[Opening Data extracts section]

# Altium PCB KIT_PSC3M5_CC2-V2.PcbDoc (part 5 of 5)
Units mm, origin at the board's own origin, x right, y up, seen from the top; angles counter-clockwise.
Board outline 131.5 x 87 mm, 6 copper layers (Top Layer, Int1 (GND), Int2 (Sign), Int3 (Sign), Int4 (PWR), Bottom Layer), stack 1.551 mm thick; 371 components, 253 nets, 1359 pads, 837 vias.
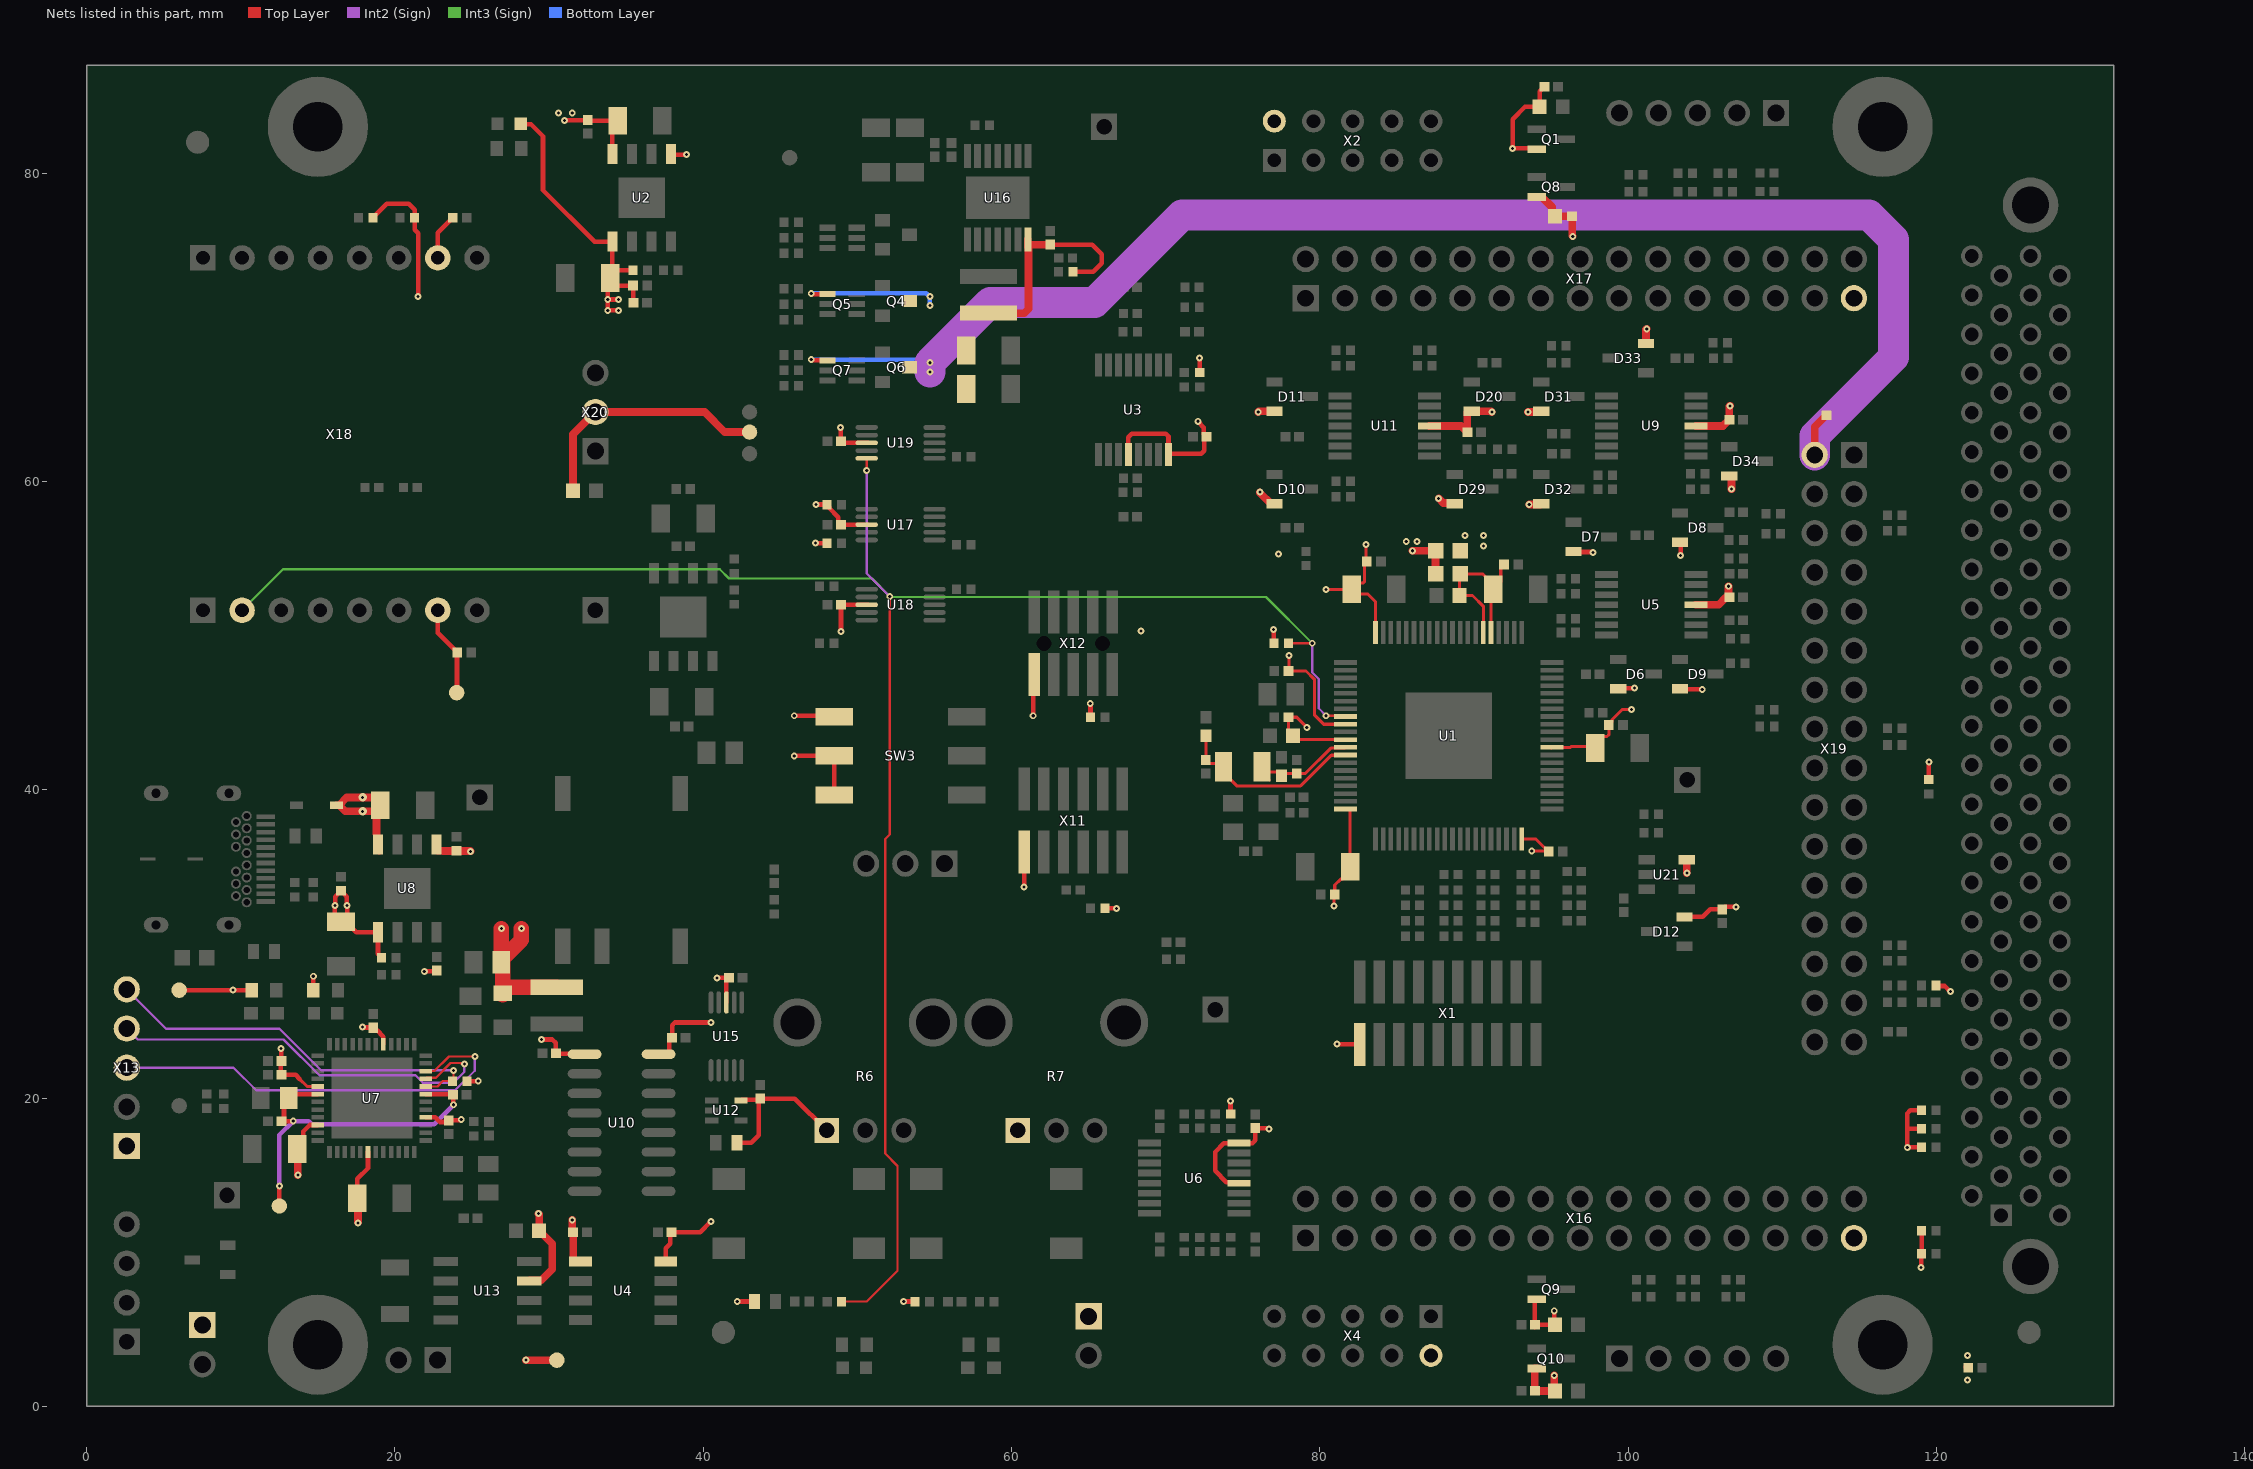
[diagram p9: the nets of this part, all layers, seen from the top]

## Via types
v1: diameter 0.45, hole 0.2, Top Layer to Bottom Layer, tented both sides, 833 vias
v2: diameter 0.55, hole 0.2, Top Layer to Bottom Layer, tented both sides, 4 vias

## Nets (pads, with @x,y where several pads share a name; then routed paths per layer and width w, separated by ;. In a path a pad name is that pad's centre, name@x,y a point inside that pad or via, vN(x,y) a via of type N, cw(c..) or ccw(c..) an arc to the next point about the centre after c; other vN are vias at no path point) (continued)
VDD3.3: C12.2 C14.2 C15.2 C20.1 C29.1 C32.1 C33.2 C34.2 C35.2 C36.2 C65.2 C75.2 C77.2 C81.2 C82.2 C124.2 C125.2 D3.2 JP1.1 L2.1 Q1.2 Q9.2 R5.2 R6.1 R7.1 R14.2 R47.2 R48.2 R49.2 R50.1 R53.2 R70.2 R75.2 R91.2 R99.2 R127.2 R133.2 R140.2 R141.2 R142.2 R143.2 R144.2 R145.2 R162.2 R163.2 SW3.4 SW3.5 SW3.6 TP7.1 U2.1 U3.12 U3.16 U4.8 U6.12 U6.16 U10.16 U12.5 U15.8 U17.8 U18.8 U19.8 X1.1 X11.1 X12.1 X16.29 X17.29 X18.7 | length 129.5
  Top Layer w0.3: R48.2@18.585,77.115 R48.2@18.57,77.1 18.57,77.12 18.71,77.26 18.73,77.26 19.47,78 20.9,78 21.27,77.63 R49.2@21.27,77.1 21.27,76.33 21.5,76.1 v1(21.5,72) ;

[Closing Data extracts section]

_Action item_
Count every line above that includes the string "part", and answer with the count only.

_Output of the task_
2